Contenzioso e pre-contenzioso nella condotta dei Lavori Pubblici
Il Nuovo Codice cerca di affermare una nuova modalità di gestione delle opere pubbliche superando il formalismo paralizzante che ne ha spesso inibito la realizzazione o il completamento e riaffermando la necessità (oltre che la legittimità) di scelte operative discrezionali ispirate ai “principi” finalistici dell’attività della Pubblica Amministrazione. Affermazione condivisibile che però sconta un ormai atavico e sclerotizzato modus operandi e un ancor incompleto quadro di garanzie collaterali a questo innovativo modo di procedere.
Tra le “garanzie collaterali” non sono certo da trascurare le sedi ultime di valutazione dei comportamenti auspicati e tenuti e “il come” e “il chi” in quelle sedi sosterrà/valuterà le scelte discrezionali già fatte. Il Nuovo Codice si è posto il fondamentale problema della continuità dei lavori pubblici non solo e non tanto in fase di aggiudicazione quanto per il loro completamento una volta avviati.
In buona sostanza uno dei temi centrali è stato quello di evitare l’interruzione in corso d’opera che purtroppo ha caratterizzato molte opere che, pur affidate, non sono state completate.
Complice il contenzioso che sorge tra le parti.

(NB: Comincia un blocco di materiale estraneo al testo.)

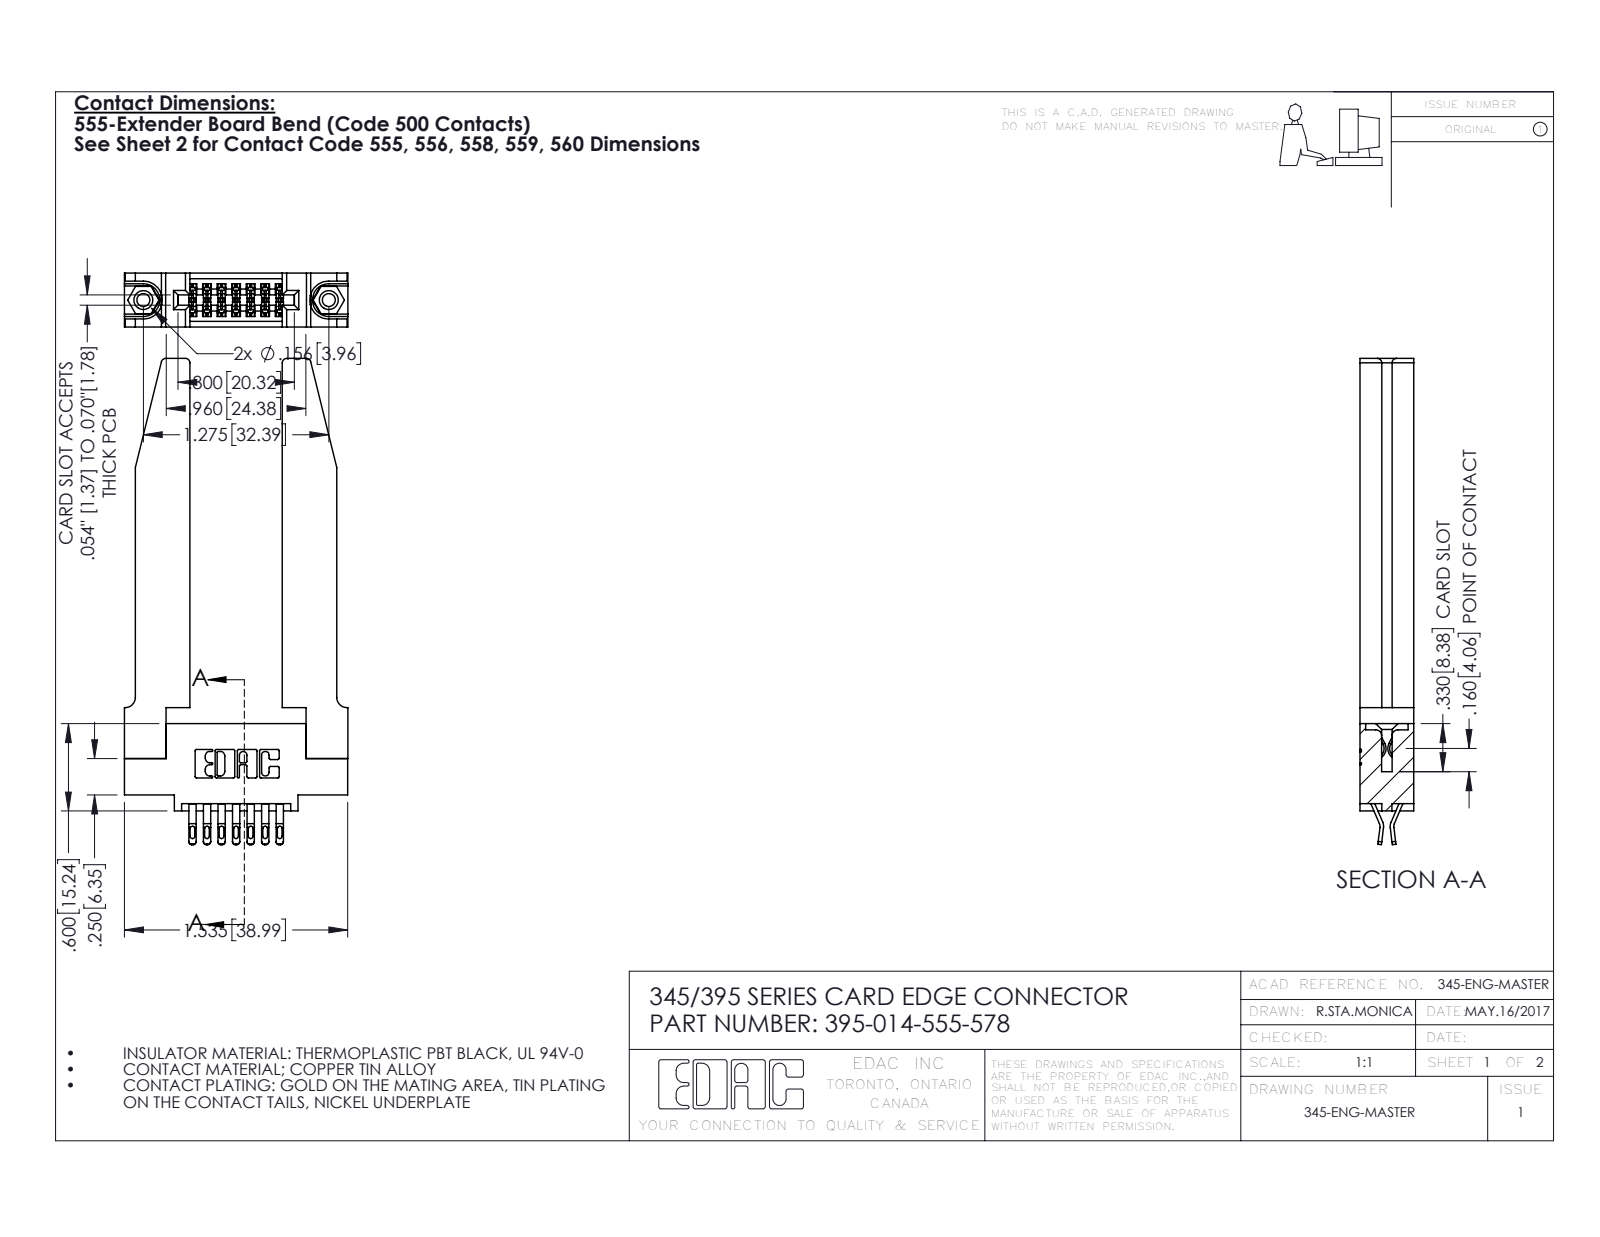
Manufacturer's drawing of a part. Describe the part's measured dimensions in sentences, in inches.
The part is named "345-292-001_555 Tail; 395-014-555-578; 345 Part_0.110 Offset - 0.156 Dia-TH; 345-250-001_345-250-001-102 (+1 more)". Its 3-D file was written by "SolidWorks 2016 (CONFIG_CONTROL_DESIGN)". It is 19 solids with 1148 faces: 660 planar, 436 cylindrical and 52 other. Overall it measures 3.342 by 1.536 by 0.37 inches. Its volume is 0.684 cubic inches and its surface area 17.78 square inches. Round holes: 2 of diameter 0.089, 2 of diameter 0.125, 2 of diameter 0.156, 1 of diameter 0.064. Round bosses or shafts: 2 of diameter 0.155. Partial cylindrical surfaces (rounded edges, fillets, slot ends): 35 of radius 0.016, 28 of radius 0.02, 22 of radius 0.01, 21 of radius 0.006, 8 of radius 0.03, 6 of radius 0.007, 6 of radius 0.031, 3 of radius 0.026. The main face-to-face distances are 0.37, 0.15, 0.072, 0.148, 0.22, 0.298, 0.077, 0.635, 0.071, 0.025. The hole center spacings are 0.27, 1.045, 1.275.

Il contenzioso può nascere in qualsiasi momento delle fasi di realizzazione di un’opera pubblica ancor prima dell’instaurarsi di un rapporto contrattuale, ma mentre il contenzioso che si instaura prima dell’inizio dei lavori può sì comportare danni da ritardi, ma disquisisce sulle “carte”, quello che nasce a “cantieri aperti” ha con sé anche l’aggravante dei danni materiali da “interruzione”; qui la tempestività della risoluzione ha immediati riflessi sulla quantificazione degli oneri in discussione (che si aggravano giorno per giorno). Per questo il Legislatore ha posto
attenzione alle modalità di risoluzione del contenzioso in fase esecutiva richiamando espressamente (e specializzando) istituti già noti al Codice Civile e addirittura “inventandone” altri.
Il ricorso giurisdizionale come ultima spiaggia
Risolvere la questione in sede giudiziale comporta tempi lunghi e mancato completamento (e fruizione) dell’opera per cui appare fondamentale poter “gestire” la conflittualità fuori dai tribunali.
E’ appena il caso di rammentare che in sede giudiziale il parametro della disamina sarà la mera legittimità, scevra da ogni valutazione discrezionale; questa osservazione – apparentemente banale – è invece significativa se teniamo conto che il Nuovo Codice si fonda sull’applicazione dei principi quali metodo operativo e di interpretazione della legittimità. In quest’ottica la gestione del pre-contenzioso giurisdizionale (orientato appunto ad evitare sia il ricorso al Tribunale che l’interruzione dei lavori) assume un rilievo particolare. Perché cerca di mantenere nel campo di gioco degli attori della realizzazione dell’opera la valutazione del loro operato. Passare la palla al Giudice significa far giocare la partita ad un Soggetto (certamente autorevole e competente, ma) estraneo, non coinvolto nella finalità della conclusione dell’opera (principio del risultato) il cui unico metro di giudizio è il formalismo giuridico.